▶ _WHAT THE EXERCISE ASKS_
Would it be possible to quote, exactly and in full, the lines from the one with "#25916 = DIRECTION( '', ( 1., 0., 0. ) );" through the end of the entries below?

▶ _EXERCISE DATA_

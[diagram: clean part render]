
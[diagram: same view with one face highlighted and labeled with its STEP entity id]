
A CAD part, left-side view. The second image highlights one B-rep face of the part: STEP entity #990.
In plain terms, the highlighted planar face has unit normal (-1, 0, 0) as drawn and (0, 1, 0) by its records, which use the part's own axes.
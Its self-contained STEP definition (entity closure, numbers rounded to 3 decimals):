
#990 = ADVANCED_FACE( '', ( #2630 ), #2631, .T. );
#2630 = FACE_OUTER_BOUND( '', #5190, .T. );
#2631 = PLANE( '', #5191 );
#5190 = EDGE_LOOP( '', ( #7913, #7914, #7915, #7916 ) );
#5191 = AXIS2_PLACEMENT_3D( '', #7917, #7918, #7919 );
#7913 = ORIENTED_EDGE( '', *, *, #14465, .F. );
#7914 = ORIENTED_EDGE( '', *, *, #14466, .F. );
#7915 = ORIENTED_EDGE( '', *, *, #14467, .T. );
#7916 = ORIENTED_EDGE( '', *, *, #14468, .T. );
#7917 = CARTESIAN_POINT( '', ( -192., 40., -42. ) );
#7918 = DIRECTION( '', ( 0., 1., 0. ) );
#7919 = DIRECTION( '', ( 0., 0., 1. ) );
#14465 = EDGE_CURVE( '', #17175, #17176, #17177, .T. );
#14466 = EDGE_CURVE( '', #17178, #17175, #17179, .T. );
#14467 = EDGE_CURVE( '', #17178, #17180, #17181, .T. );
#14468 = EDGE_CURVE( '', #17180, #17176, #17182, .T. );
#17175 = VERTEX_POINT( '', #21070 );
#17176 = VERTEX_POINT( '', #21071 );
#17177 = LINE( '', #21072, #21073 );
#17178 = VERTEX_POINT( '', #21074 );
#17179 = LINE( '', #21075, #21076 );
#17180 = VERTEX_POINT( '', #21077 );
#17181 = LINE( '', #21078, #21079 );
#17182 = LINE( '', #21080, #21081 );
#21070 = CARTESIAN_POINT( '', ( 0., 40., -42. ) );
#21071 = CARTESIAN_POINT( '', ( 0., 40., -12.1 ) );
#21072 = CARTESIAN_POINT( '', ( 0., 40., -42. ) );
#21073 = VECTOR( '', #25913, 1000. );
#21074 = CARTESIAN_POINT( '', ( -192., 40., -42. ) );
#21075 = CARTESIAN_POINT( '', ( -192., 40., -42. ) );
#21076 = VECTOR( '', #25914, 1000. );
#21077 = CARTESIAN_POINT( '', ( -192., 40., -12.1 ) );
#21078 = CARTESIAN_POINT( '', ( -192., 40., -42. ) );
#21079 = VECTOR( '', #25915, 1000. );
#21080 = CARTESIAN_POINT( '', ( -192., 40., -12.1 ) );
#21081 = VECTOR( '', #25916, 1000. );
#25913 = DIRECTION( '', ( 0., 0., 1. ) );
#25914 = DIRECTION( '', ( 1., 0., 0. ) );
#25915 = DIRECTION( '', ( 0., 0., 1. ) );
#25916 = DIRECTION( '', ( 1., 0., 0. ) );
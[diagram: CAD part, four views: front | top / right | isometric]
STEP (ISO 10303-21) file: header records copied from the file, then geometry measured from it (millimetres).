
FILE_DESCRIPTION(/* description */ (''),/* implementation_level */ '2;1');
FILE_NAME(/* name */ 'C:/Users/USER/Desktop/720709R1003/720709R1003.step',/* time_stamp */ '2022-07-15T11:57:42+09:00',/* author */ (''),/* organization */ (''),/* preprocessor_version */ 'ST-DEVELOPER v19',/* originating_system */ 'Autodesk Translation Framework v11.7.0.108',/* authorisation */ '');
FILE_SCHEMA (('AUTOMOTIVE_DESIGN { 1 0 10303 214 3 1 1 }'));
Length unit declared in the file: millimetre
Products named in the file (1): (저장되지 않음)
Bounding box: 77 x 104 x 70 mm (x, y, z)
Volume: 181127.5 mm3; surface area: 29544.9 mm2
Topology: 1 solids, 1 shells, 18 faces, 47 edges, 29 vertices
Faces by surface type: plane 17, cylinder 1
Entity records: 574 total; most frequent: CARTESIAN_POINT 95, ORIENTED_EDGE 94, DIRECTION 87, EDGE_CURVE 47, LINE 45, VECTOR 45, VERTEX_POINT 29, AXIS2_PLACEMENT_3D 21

▶ _FINISHED EXERCISE_
#25916 = DIRECTION( '', ( 1., 0., 0. ) );
[diagram: CAD part, four views: front | top / right | isometric]
STEP (ISO 10303-21) file: header records copied from the file, then geometry measured from it (millimetres).
FILE_DESCRIPTION(/* description */ (''),/* implementation_level */ '2;1');
FILE_NAME(/* name */ 'C:/Users/USER/Desktop/720709R1003/720709R1003.step',/* time_stamp */ '2022-07-15T11:57:42+09:00',/* author */ (''),/* organization */ (''),/* preprocessor_version */ 'ST-DEVELOPER v19',/* originating_system */ 'Autodesk Translation Framework v11.7.0.108',/* authorisation */ '');
FILE_SCHEMA (('AUTOMOTIVE_DESIGN { 1 0 10303 214 3 1 1 }'));
Length unit declared in the file: millimetre
Products named in the file (1): (저장되지 않음)
Bounding box: 77 x 104 x 70 mm (x, y, z)
Volume: 181127.5 mm3; surface area: 29544.9 mm2
Topology: 1 solids, 1 shells, 18 faces, 47 edges, 29 vertices
Faces by surface type: plane 17, cylinder 1
Entity records: 574 total; most frequent: CARTESIAN_POINT 95, ORIENTED_EDGE 94, DIRECTION 87, EDGE_CURVE 47, LINE 45, VECTOR 45, VERTEX_POINT 29, AXIS2_PLACEMENT_3D 21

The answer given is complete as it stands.